## Exercise instructions:
Go through the data below and repeat it exactly, skipping each picture.

## Entries provided:
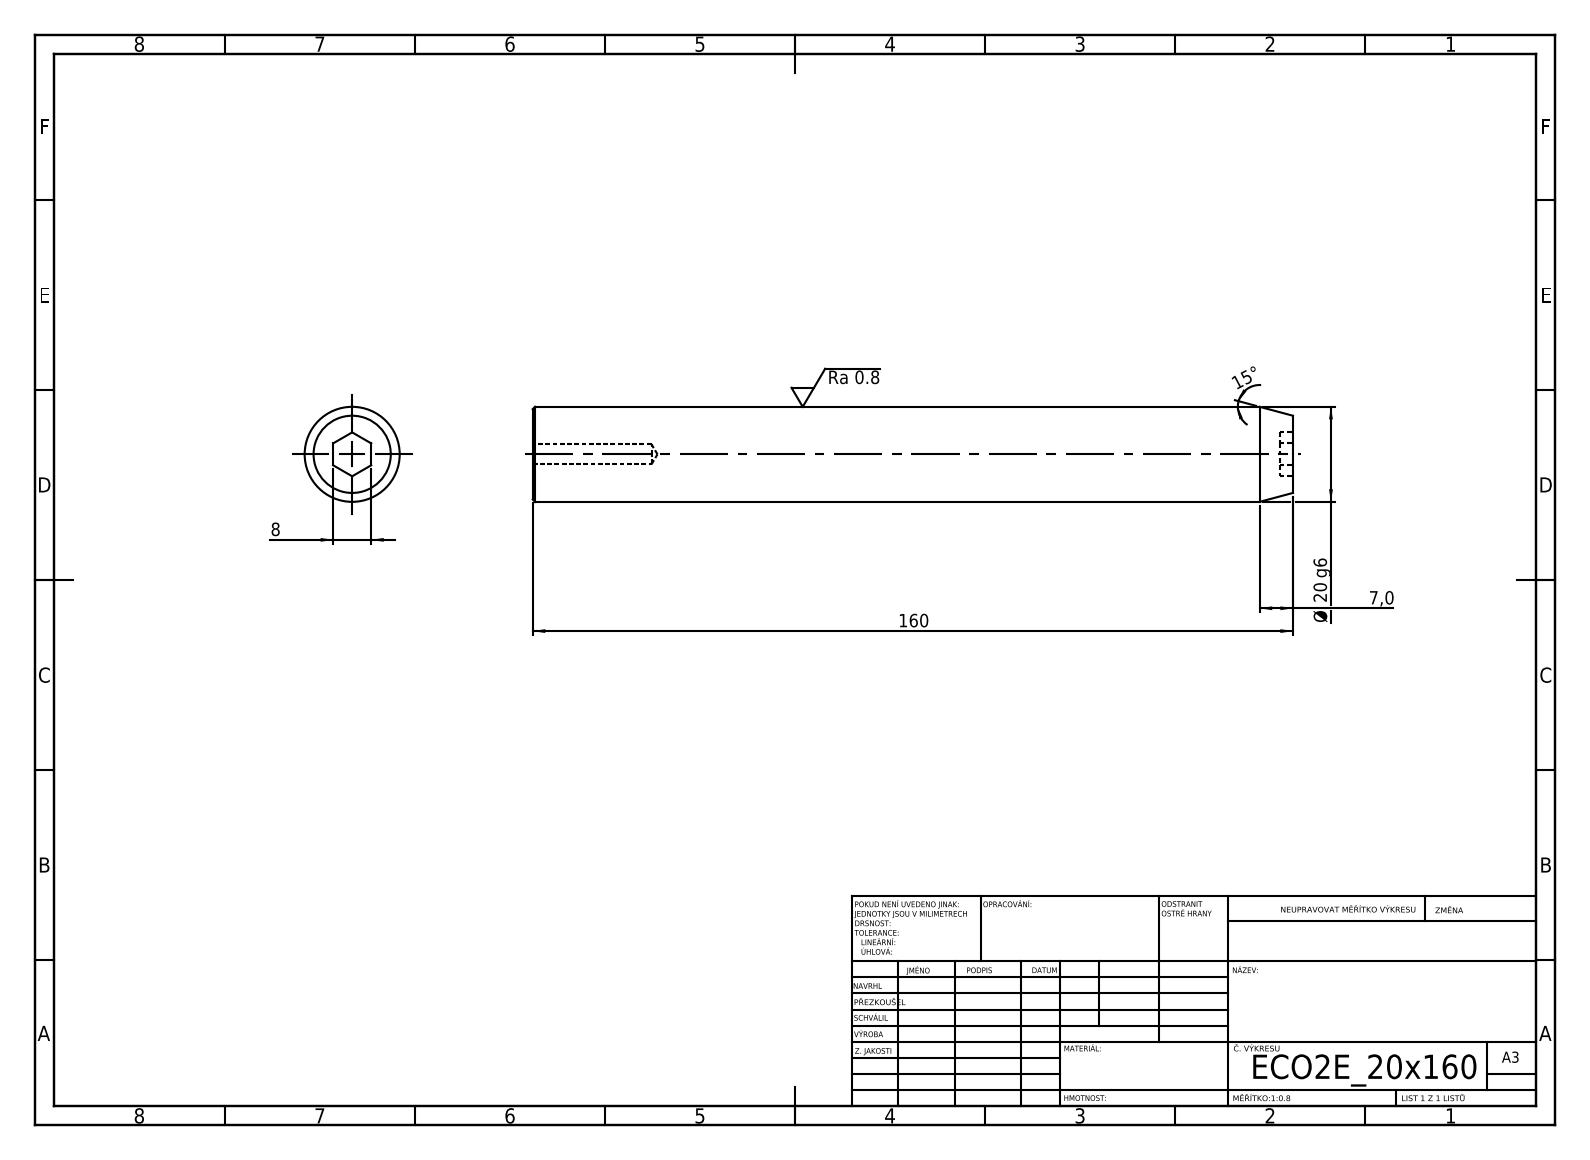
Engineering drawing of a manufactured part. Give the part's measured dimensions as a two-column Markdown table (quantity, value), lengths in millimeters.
| quantity | value |
| --- | --- |
| STEP written by | SolidWorks 2019 (CONFIG_CONTROL_DESIGN) |
| units | millimeters |
| bodies | 1 solid, 19 faces (9 planar, 4 cylindrical, 6 other) |
| overall size | 160 × 20 × 20 |
| volume | 49 364 mm³ |
| surface area | 10 938 mm² |
| round holes (diameter × count) | 4.2 × 1 |
| round bosses / shafts (diameter × count) | 20 × 1 |
| main face-to-face distances | 160, 2.8, 157.2, 8 |

## Answer for the task:
Engineering drawing of a manufactured part. Give the part's measured dimensions as a two-column Markdown table (quantity, value), lengths in millimeters.
| quantity | value |
| --- | --- |
| STEP written by | SolidWorks 2019 (CONFIG_CONTROL_DESIGN) |
| units | millimeters |
| bodies | 1 solid, 19 faces (9 planar, 4 cylindrical, 6 other) |
| overall size | 160 × 20 × 20 |
| volume | 49 364 mm³ |
| surface area | 10 938 mm² |
| round holes (diameter × count) | 4.2 × 1 |
| round bosses / shafts (diameter × count) | 20 × 1 |
| main face-to-face distances | 160, 2.8, 157.2, 8 |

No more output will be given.